To start using the package, load the ‘nyctaxi’ package into your R session. Since the ‘nyctaxi’ package currently lives on GitHub and not on CRAN, you have to install it using ‘devtools’.
#install.packages("devtools")
#devtools::install_github("beanumber/nyctaxi")
Two dataframes are included in this package: ‘green_2016_01_sample’ and ‘yellow_2016_01_sample’. There are random samples of 1000 observations generated by the ‘sample’ function in base R from the 2016 January green and yellow taxi trip data.
library(nyctaxi)
data(green_2016_01_sample)
head(green_2016_01_sample)
## # A tibble: 6 x 21
## VendorID lpep_pickup_datetime Lpep_dropoff_datetime Store_and_fwd_flag
## <int> <dttm> <dttm> <chr>
## 1 1 2016-01-01 19:17:11 2016-01-01 19:25:55 N
## 2 2 2016-01-05 21:02:16 2016-01-05 21:17:13 N
## 3 1 2016-01-22 19:32:24 2016-01-22 19:49:32 N
## 4 2 2016-01-30 23:31:57 2016-01-30 23:39:28 N
## 5 2 2016-01-17 22:55:03 2016-01-17 23:00:39 N
## 6 2 2016-01-25 19:27:34 2016-01-25 19:33:05 N
## # ... with 17 more variables: RateCodeID <int>, Pickup_longitude <dbl>,
## # Pickup_latitude <dbl>, Dropoff_longitude <dbl>,
## # Dropoff_latitude <dbl>, Passenger_count <int>, Trip_distance <dbl>,
## # Fare_amount <dbl>, Extra <dbl>, MTA_tax <dbl>, Tip_amount <dbl>,
## # Tolls_amount <dbl>, Ehail_fee <chr>, improvement_surcharge <dbl>,
## # Total_amount <dbl>, Payment_type <int>, Trip_type <int>
To access data during wider time spans, make use of the ‘etl’ package to download the data and import it into a database. Please see the documentation for ‘etl_extract’ for further details and examples.
help("etl_extract.etl_nyctaxi")
The code below creates a directory on your local desktop and downloads NYC taxicab trip data from Janaury, 2016 to your local directory. It also transforms/cleans the data and loads it to a sqlite database.
taxi <- etl("nyctaxi", dir = "~/Desktop/nyctaxi/")
taxi %>%
etl_extract(years = 2016, months = 1, types = c("green")) %>%
etl_transform(years = 2016, months = 1, types = c("green")) %>%
etl_load(years = 2016, months = 1, types = "green")}
library(dplyr)
library(leaflet)
library(lubridate)
We can use leaflet
to visualize the pickup and dropoff locations of the 1000 trips in the green taxi trip dataset:
my_trips <- green_2016_01_sample
#clean_up data according to date and time of pickup
one_cab <- my_trips %>%
filter(Pickup_longitude != 0)
leaflet(data = one_cab) %>%
addTiles() %>%
addCircles(lng = ~Pickup_longitude, lat = ~Pickup_latitude) %>%
addCircles(lng = ~Dropoff_longitude, lat = ~Dropoff_latitude, color = "green")
We can use lubridate
to clean datetime variable:
clean_datetime <- my_trips %>%
mutate(lpep_pickup_datetime = ymd_hms(lpep_pickup_datetime)) %>%
mutate(Lpep_dropoff_datetime = ymd_hms(Lpep_dropoff_datetime)) %>%
mutate(weekday_pickup = weekdays(lpep_pickup_datetime)) %>%
mutate(weekday_dropoff= weekdays(Lpep_dropoff_datetime))

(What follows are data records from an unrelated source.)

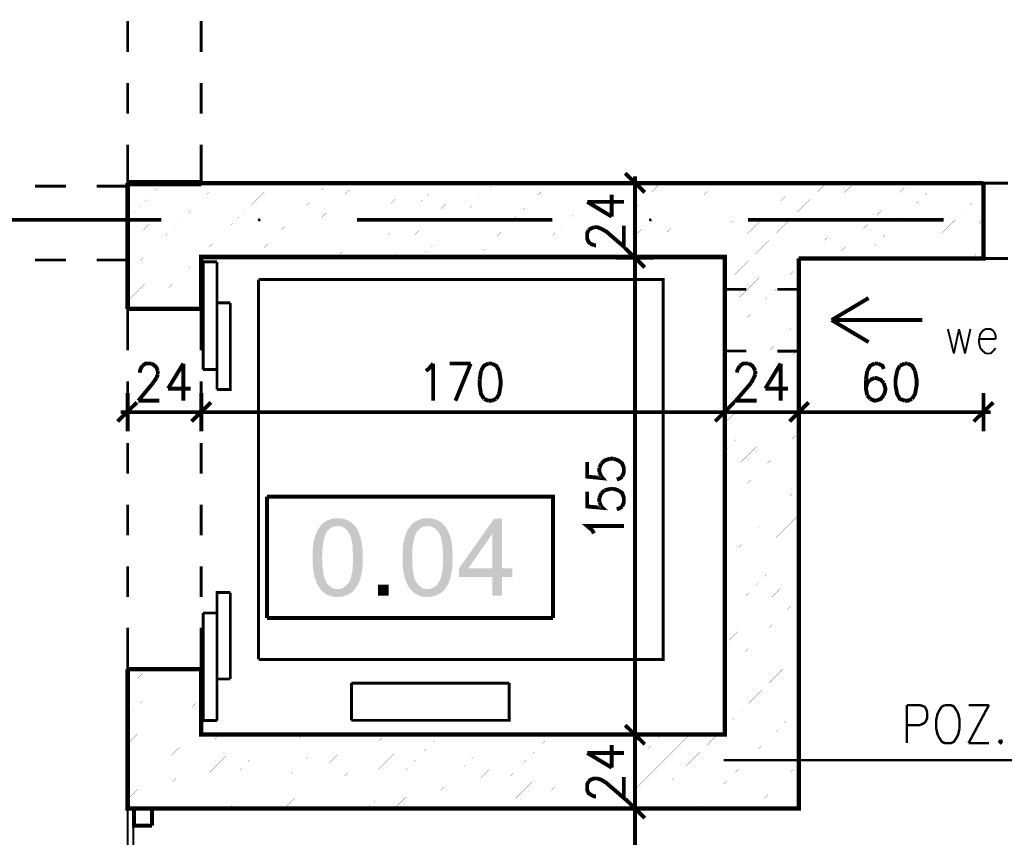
# Model space of a CAD drawing. Header units: millimetres. Extents: x -14047 to 49934, y -21523 to 14989.
# Tile 137 of 201: x 1436 to 1755, y 5993 to 6258. Entities that reach past the tile are written whole.
import ezdxf

# ---------------------------------------------------------------- set-up
doc = ezdxf.new("R2010")
doc.units = ezdxf.units.MM
doc.layers.add('H', color=7, linetype='Continuous')
doc.layers.add('P', color=7, linetype='Continuous')

msp = doc.modelspace()

# ---------------------------------------------------------------- hatches: boundary and pattern name
at = {"layer": 'H', "linetype": 'Continuous'}
for points in [[(1513.189, 6192.445), (1512.924, 6192.885), (1513.104, 6193.415), (1513.544, 6193.415), (1513.894, 6192.885), (1513.719, 6192.445)], [(1640.172, 6192.445), (1639.907, 6192.885), (1640.087, 6193.415), (1640.527, 6193.415), (1640.877, 6192.885), (1640.702, 6192.445)], [(1538.851, 6070.576), (1538.236, 6070.576), (1537.616, 6070.666), (1537.001, 6070.756), (1536.381, 6070.931), (1535.851, 6071.106), (1535.326, 6071.371), (1534.881, 6071.636), (1534.441, 6071.991), (1534.001, 6072.341), (1533.561, 6072.781), (1533.206, 6073.221), (1532.941, 6073.576), (1532.411, 6074.371), (1532.152, 6074.811), (1531.972, 6075.25), (1531.797, 6075.78), (1531.622, 6076.22), (1531.442, 6076.84), (1531.267, 6077.37), (1531.182, 6077.985), (1531.092, 6078.6), (1531.002, 6079.22), (1530.917, 6079.835), (1530.827, 6080.545), (1530.737, 6081.25), (1530.737, 6082.04), (1530.737, 6082.744), (1530.737, 6083.364), (1530.737, 6084.069), (1530.737, 6084.774), (1530.737, 6085.479), (1530.827, 6086.099), (1530.827, 6086.804), (1530.917, 6087.419), (1531.002, 6087.949), (1531.092, 6088.569), (1531.267, 6089.094), (1531.357, 6089.624), (1531.532, 6090.068), (1531.622, 6090.508), (1531.887, 6091.123), (1532.152, 6091.743), (1532.411, 6092.268), (1532.676, 6092.798), (1533.031, 6093.243), (1533.386, 6093.768), (1538.851, 6093.593), (1538.236, 6093.503), (1537.616, 6093.418), (1537.086, 6093.243), (1536.646, 6092.978), (1536.206, 6092.623), (1535.766, 6092.183), (1535.411, 6091.828), (1535.236, 6091.478), (1535.061, 6091.038), (1534.881, 6090.683), (1534.706, 6090.243), (1534.531, 6089.714), (1534.441, 6089.184), (1534.266, 6088.654), (1534.176, 6088.039), (1534.091, 6087.419), (1534.001, 6086.804), (1533.911, 6086.009), (1533.911, 6085.304), (1533.911, 6084.509), (1533.826, 6083.719), (1533.826, 6082.485), (1533.911, 6081.69), (1533.911, 6080.895), (1534.001, 6080.19), (1534.091, 6079.485), (1534.091, 6078.78), (1534.266, 6078.25), (1534.356, 6077.63), (1534.441, 6077.105), (1534.616, 6076.66), (1534.796, 6076.22), (1534.971, 6075.78), (1535.146, 6075.425), (1535.326, 6075.165), (1535.676, 6074.636), (1536.116, 6074.196), (1536.646, 6073.841), (1537.086, 6073.486), (1537.616, 6073.311), (1538.146, 6073.136), (1538.676, 6073.136), (1544.32, 6072.961), (1543.965, 6072.606), (1543.525, 6072.166), (1543.435, 6072.076), (1542.995, 6071.726), (1542.465, 6071.461), (1541.935, 6071.196), (1541.41, 6071.021), (1540.88, 6070.841), (1540.26, 6070.666), (1539.646, 6070.666), (1538.941, 6070.576)], [(1544.32, 6072.961), (1538.851, 6073.136), (1539.471, 6073.136), (1539.995, 6073.311), (1540.525, 6073.486), (1540.965, 6073.751), (1541.41, 6074.106), (1541.85, 6074.546), (1542.29, 6074.986), (1542.645, 6075.515), (1542.82, 6075.87), (1542.995, 6076.22), (1543.085, 6076.66), (1543.26, 6077.19), (1543.35, 6077.72), (1543.525, 6078.25), (1543.615, 6078.865), (1543.7, 6079.485), (1543.7, 6080.19), (1543.79, 6080.895), (1543.79, 6081.69), (1543.88, 6082.569), (1543.88, 6083.364), (1543.88, 6084.244), (1543.79, 6085.039), (1543.79, 6085.834), (1543.7, 6086.539), (1543.7, 6087.244), (1543.615, 6087.864), (1543.525, 6088.479), (1543.35, 6089.094), (1543.26, 6089.539), (1543.085, 6090.068), (1542.995, 6090.508), (1542.82, 6090.858), (1542.645, 6091.213), (1542.38, 6091.563), (1542.025, 6092.093), (1541.585, 6092.533), (1541.145, 6092.888), (1540.615, 6093.153), (1540.085, 6093.418), (1539.556, 6093.503), (1539.026, 6093.593), (1538.851, 6093.593), (1533.386, 6093.768), (1533.736, 6094.123), (1534.176, 6094.563), (1534.356, 6094.653), (1534.796, 6095.003), (1535.326, 6095.268), (1535.766, 6095.533), (1536.381, 6095.708), (1536.911, 6095.888), (1537.531, 6096.063), (1538.146, 6096.063), (1538.761, 6096.153), (1539.471, 6096.063), (1540.175, 6096.063), (1540.705, 6095.888), (1541.32, 6095.798), (1541.85, 6095.533), (1542.38, 6095.358), (1542.91, 6095.003), (1543.35, 6094.653), (1543.79, 6094.298), (1544.23, 6093.858), (1544.67, 6093.328), (1544.935, 6092.978), (1545.2, 6092.533), (1545.465, 6092.008), (1545.73, 6091.478), (1545.905, 6090.858), (1546.17, 6090.328), (1546.345, 6089.714), (1546.435, 6089.274), (1546.525, 6088.834), (1546.61, 6088.304), (1546.7, 6087.774), (1546.79, 6087.244), (1546.875, 6086.629), (1546.965, 6086.009), (1546.965, 6085.304), (1546.965, 6084.689), (1546.965, 6083.894), (1546.965, 6082.569), (1546.965, 6081.865), (1546.965, 6081.25), (1546.875, 6080.545), (1546.875, 6079.925), (1546.79, 6079.31), (1546.7, 6078.69), (1546.61, 6078.16), (1546.525, 6077.63), (1546.345, 6077.105), (1546.26, 6076.66), (1546.085, 6076.22), (1545.905, 6075.605), (1545.64, 6074.986), (1545.375, 6074.456), (1545.025, 6073.931), (1544.67, 6073.486)], [(1568.042, 6070.576), (1567.422, 6070.576), (1566.807, 6070.666), (1566.187, 6070.756), (1565.657, 6070.931), (1565.132, 6071.106), (1564.602, 6071.371), (1564.072, 6071.636), (1563.632, 6071.991), (1563.187, 6072.341), (1562.747, 6072.781), (1562.397, 6073.221), (1562.132, 6073.576), (1561.603, 6074.371), (1561.428, 6074.811), (1561.163, 6075.25), (1560.983, 6075.78), (1560.808, 6076.22), (1560.633, 6076.84), (1560.543, 6077.37), (1560.368, 6077.985), (1560.278, 6078.6), (1560.193, 6079.22), (1560.103, 6079.835), (1560.013, 6080.545), (1559.928, 6081.25), (1559.928, 6082.04), (1559.928, 6082.744), (1559.928, 6083.364), (1559.928, 6084.069), (1559.928, 6084.774), (1560.013, 6085.479), (1560.013, 6086.099), (1560.103, 6086.804), (1560.103, 6087.419), (1560.193, 6087.949), (1560.368, 6088.569), (1560.458, 6089.094), (1560.543, 6089.624), (1560.723, 6090.068), (1560.808, 6090.508), (1561.073, 6091.123), (1561.338, 6091.743), (1561.603, 6092.268), (1561.868, 6092.798), (1562.217, 6093.243), (1562.572, 6093.768), (1568.042, 6093.593), (1567.422, 6093.503), (1566.892, 6093.418), (1566.362, 6093.243), (1565.837, 6092.978), (1565.392, 6092.623), (1564.952, 6092.183), (1564.687, 6091.828), (1564.422, 6091.478), (1564.247, 6091.038), (1564.072, 6090.683), (1563.897, 6090.243), (1563.717, 6089.714), (1563.632, 6089.184), (1563.452, 6088.654), (1563.367, 6088.039), (1563.277, 6087.419), (1563.187, 6086.804), (1563.187, 6086.009), (1563.102, 6085.304), (1563.102, 6084.509), (1563.102, 6083.719), (1563.102, 6082.485), (1563.102, 6081.69), (1563.102, 6080.895), (1563.187, 6080.19), (1563.277, 6079.485), (1563.367, 6078.78), (1563.452, 6078.25), (1563.542, 6077.63), (1563.632, 6077.105), (1563.807, 6076.66), (1563.982, 6076.22), (1564.157, 6075.78), (1564.337, 6075.425), (1564.512, 6075.165), (1564.952, 6074.636), (1565.392, 6074.196), (1565.837, 6073.841), (1566.277, 6073.486), (1566.807, 6073.311), (1567.332, 6073.136), (1567.952, 6073.136), (1573.596, 6072.961), (1573.156, 6072.606), (1572.801, 6072.166), (1572.626, 6072.076), (1572.186, 6071.726), (1571.656, 6071.461), (1571.126, 6071.196), (1570.596, 6071.021), (1570.066, 6070.841), (1569.452, 6070.666), (1568.832, 6070.666), (1568.127, 6070.576)], [(1573.596, 6072.961), (1568.042, 6073.136), (1568.657, 6073.136), (1569.187, 6073.311), (1569.716, 6073.486), (1570.156, 6073.751), (1570.686, 6074.106), (1571.126, 6074.546), (1571.481, 6074.986), (1571.831, 6075.515), (1572.006, 6075.87), (1572.186, 6076.22), (1572.361, 6076.66), (1572.451, 6077.19), (1572.626, 6077.72), (1572.711, 6078.25), (1572.801, 6078.865), (1572.891, 6079.485), (1572.976, 6080.19), (1572.976, 6080.895), (1573.066, 6081.69), (1573.066, 6082.569), (1573.066, 6083.364), (1573.066, 6084.244), (1573.066, 6085.039), (1572.976, 6085.834), (1572.976, 6086.539), (1572.891, 6087.244), (1572.801, 6087.864), (1572.711, 6088.479), (1572.626, 6089.094), (1572.451, 6089.539), (1572.361, 6090.068), (1572.186, 6090.508), (1572.006, 6090.858), (1571.831, 6091.213), (1571.656, 6091.563), (1571.216, 6092.093), (1570.771, 6092.533), (1570.331, 6092.888), (1569.801, 6093.153), (1569.277, 6093.418), (1568.747, 6093.503), (1568.217, 6093.593), (1568.042, 6093.593), (1562.572, 6093.768), (1563.012, 6094.123), (1563.367, 6094.563), (1563.542, 6094.653), (1563.982, 6095.003), (1564.512, 6095.268), (1565.042, 6095.533), (1565.572, 6095.708), (1566.102, 6095.888), (1566.717, 6096.063), (1567.332, 6096.063), (1568.042, 6096.153), (1568.747, 6096.063), (1569.362, 6096.063), (1569.981, 6095.888), (1570.506, 6095.798), (1571.036, 6095.533), (1571.566, 6095.358), (1572.096, 6095.003), (1572.626, 6094.653), (1573.066, 6094.298), (1573.421, 6093.858), (1573.861, 6093.328), (1574.126, 6092.978), (1574.391, 6092.533), (1574.656, 6092.008), (1574.916, 6091.478), (1575.096, 6090.858), (1575.361, 6090.328), (1575.536, 6089.714), (1575.626, 6089.274), (1575.801, 6088.834), (1575.886, 6088.304), (1575.976, 6087.774), (1575.976, 6087.244), (1576.066, 6086.629), (1576.151, 6086.009), (1576.151, 6085.304), (1576.151, 6084.689), (1576.241, 6083.894), (1576.241, 6082.569), (1576.151, 6081.865), (1576.151, 6081.25), (1576.151, 6080.545), (1576.066, 6079.925), (1575.976, 6079.31), (1575.886, 6078.69), (1575.801, 6078.16), (1575.711, 6077.63), (1575.536, 6077.105), (1575.446, 6076.66), (1575.271, 6076.22), (1575.096, 6075.605), (1574.831, 6074.986), (1574.566, 6074.456), (1574.211, 6073.931), (1573.946, 6073.486)], [(1589.114, 6071.021), (1589.114, 6077.015), (1578.27, 6077.015), (1578.27, 6079.835), (1589.644, 6095.973), (1592.203, 6095.973), (1589.114, 6091.123), (1581.265, 6079.835), (1595.553, 6079.835), (1595.553, 6077.015), (1592.203, 6077.015), (1592.203, 6071.021)], [(1589.114, 6079.835), (1589.114, 6091.123), (1592.203, 6095.973), (1592.203, 6079.835)], [(1551.989, 6071.021), (1551.989, 6074.546), (1555.428, 6074.546), (1555.428, 6071.021)]]:
    msp.add_hatch(color=256, dxfattribs=at).paths.add_polyline_path(points)

# ---------------------------------------------------------------- linework, layer by layer
at = {"layer": 'P'}
for points, const_width in [([(1470.685, 6247.382), (1470.685, 6257.436)], 0.95), ([(1494.582, 6257.436), (1494.582, 6247.382)], 0.95), ([(1470.685, 6227.365), (1470.685, 6237.419)], 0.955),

We can now analyze the number of trips occurred on each day of a week:
clean_datetime %>%
group_by(weekday_pickup) %>%
summarize(N = n(), avg_dist = mean(Trip_distance),
avg_passengers = mean(Passenger_count),
avg_price = mean(Total_amount))
## # A tibble: 7 x 5
## weekday_pickup N avg_dist avg_passengers avg_price
## <chr> <int> <dbl> <dbl> <dbl>
## 1 Friday 197 2.917462 1.324873 14.82411
## 2 Monday 119 2.225882 1.344538 12.91471
## 3 Saturday 183 2.862787 1.448087 14.77727
## 4 Sunday 133 2.940075 1.413534 13.99323
## 5 Thursday 115 2.850000 1.191304 15.27861
## 6 Tuesday 132 2.545985 1.401515 13.75205
## 7 Wednesday 121 2.469256 1.586777 13.11273
It looks like on Friday and Saturday had the most trips.